その男はやたらと国際情勢や最近の日本のことについて詳しく、終始こちらの緊張をほぐすように世間話をしていました。
そして最後に、「そういえば次はどこに行くのかい。その地図を見せて。おータイファクトリーに行くのか。それはいい。実は僕も数日前タイファクトリーで数着タイシルクのスーツを仕事用に買ったんだ。すごく素材がいいから、是非立ち寄って買った方がいい。」と勧めてきました。
そしてそのおっさんと別れを告げ、トゥクトゥクに戻りいよいよタイファクトリーに向かうことに。
この時点でここまで登場した3者の関連性を全く見出せず、今思うとただの間抜けですが「タイファクトリーまじ半端ねー」とかなり盛り上がっていました。そして満を持してタイファクトリーに到着しました。
そこは小洒落た感じのお店で、きちんとタイファクトリーの看板もあり中にはカシミア製と言われるマフラーやネクタイ、スーツがたくさん展示されていました。そして店内には僕と友人の他にも同様の手口で連れてこられたと思われる観光客が何組かいました。

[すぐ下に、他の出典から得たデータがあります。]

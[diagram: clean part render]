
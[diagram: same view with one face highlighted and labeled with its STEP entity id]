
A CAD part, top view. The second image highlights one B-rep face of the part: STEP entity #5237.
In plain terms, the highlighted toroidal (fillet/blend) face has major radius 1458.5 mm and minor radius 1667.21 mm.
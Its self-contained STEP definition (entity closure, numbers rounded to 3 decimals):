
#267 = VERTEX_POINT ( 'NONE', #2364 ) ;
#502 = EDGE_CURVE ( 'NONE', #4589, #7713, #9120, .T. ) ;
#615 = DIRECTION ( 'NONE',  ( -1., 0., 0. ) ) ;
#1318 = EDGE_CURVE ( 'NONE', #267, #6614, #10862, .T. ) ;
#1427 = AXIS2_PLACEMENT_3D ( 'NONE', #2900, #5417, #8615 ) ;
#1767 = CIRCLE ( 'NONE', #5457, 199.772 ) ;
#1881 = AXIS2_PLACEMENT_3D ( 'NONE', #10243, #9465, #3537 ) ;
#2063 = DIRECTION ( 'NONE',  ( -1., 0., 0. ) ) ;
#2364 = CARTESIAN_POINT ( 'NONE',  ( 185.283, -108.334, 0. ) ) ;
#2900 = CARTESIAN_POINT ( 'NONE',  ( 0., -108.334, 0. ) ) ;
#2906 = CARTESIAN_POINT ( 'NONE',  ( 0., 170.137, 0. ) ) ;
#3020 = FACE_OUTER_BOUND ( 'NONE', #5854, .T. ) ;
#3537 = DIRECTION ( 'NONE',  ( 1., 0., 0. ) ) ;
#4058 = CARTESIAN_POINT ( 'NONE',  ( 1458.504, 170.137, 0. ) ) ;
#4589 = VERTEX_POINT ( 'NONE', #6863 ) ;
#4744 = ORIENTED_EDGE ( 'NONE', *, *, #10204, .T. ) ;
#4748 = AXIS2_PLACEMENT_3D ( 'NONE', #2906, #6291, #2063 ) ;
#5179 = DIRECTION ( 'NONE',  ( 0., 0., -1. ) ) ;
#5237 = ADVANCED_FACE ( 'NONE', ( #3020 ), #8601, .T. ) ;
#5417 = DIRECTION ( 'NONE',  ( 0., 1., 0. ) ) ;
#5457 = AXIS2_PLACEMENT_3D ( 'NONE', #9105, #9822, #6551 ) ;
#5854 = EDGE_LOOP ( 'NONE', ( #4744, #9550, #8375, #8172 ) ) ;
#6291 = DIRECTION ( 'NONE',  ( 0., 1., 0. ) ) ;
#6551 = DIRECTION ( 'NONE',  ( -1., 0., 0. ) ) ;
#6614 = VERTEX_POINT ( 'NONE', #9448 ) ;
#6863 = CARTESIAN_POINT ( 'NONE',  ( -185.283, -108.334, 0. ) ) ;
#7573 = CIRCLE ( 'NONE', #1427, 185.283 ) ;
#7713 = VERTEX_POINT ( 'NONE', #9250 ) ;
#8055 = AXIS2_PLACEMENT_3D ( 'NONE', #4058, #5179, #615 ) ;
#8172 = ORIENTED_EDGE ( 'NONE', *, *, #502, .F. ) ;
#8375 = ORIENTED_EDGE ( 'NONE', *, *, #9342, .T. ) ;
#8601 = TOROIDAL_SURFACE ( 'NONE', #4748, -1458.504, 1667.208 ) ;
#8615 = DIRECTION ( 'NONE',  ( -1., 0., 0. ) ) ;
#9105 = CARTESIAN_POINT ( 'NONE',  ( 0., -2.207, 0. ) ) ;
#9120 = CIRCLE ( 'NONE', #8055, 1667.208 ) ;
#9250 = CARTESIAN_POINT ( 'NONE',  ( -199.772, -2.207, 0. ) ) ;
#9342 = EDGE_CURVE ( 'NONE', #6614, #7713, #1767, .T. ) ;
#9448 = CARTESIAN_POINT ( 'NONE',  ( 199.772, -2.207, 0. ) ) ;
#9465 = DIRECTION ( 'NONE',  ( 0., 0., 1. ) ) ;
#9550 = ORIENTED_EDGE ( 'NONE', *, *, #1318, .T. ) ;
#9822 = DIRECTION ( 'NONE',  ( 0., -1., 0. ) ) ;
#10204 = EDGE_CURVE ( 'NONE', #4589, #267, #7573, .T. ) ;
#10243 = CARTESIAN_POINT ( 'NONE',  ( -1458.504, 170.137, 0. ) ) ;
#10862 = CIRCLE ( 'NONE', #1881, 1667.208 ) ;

店員にやたらとスーツを勧められましたが、流石に6万円のスーツをいきなり買う気にはなれず、結局1枚5000円のマフラーを3着購入しました。友人はマフラーを1着購入していました。中にはスーツを試着し、購入している人もいました。
これはいいお土産ができたと満足気に店を出たところ、トゥクトゥクの運転手に何を買ったのか聞かれました。
マフラーを購入したことを伝えると、すごく嬉しそうな顔をしていたのが印象的でした。
また王宮まで戻り、所定の価格(格安)の運賃を渡すとそのまま運転手は去って行きました。
そして今度はきちんと王宮に入って観光をしました。
しかし王宮を観光し終えて、帰る際に最初に声をかけてきた自称王宮職員が自分達と同じように他の観光客に声をかけているのを発見し、流石にここで不信に思いました。
ホテルに戻り地球の歩き方を見ると、はい騙されました。きれいに騙されました。
バンコクで横行している有名な詐欺の手口だそうです。予め情報を収集していかないと分からないくらい巧妙に仕掛けられており、騙された怒りよりむしろ感心してしまいました。
海外で笑顔で声をかけてくる輩に決して気を許してはならず、旅行前には事前に十分な下調べが必要という教訓を身に染みて感じました。
皆様もお気をつけください。しくじり先生でした。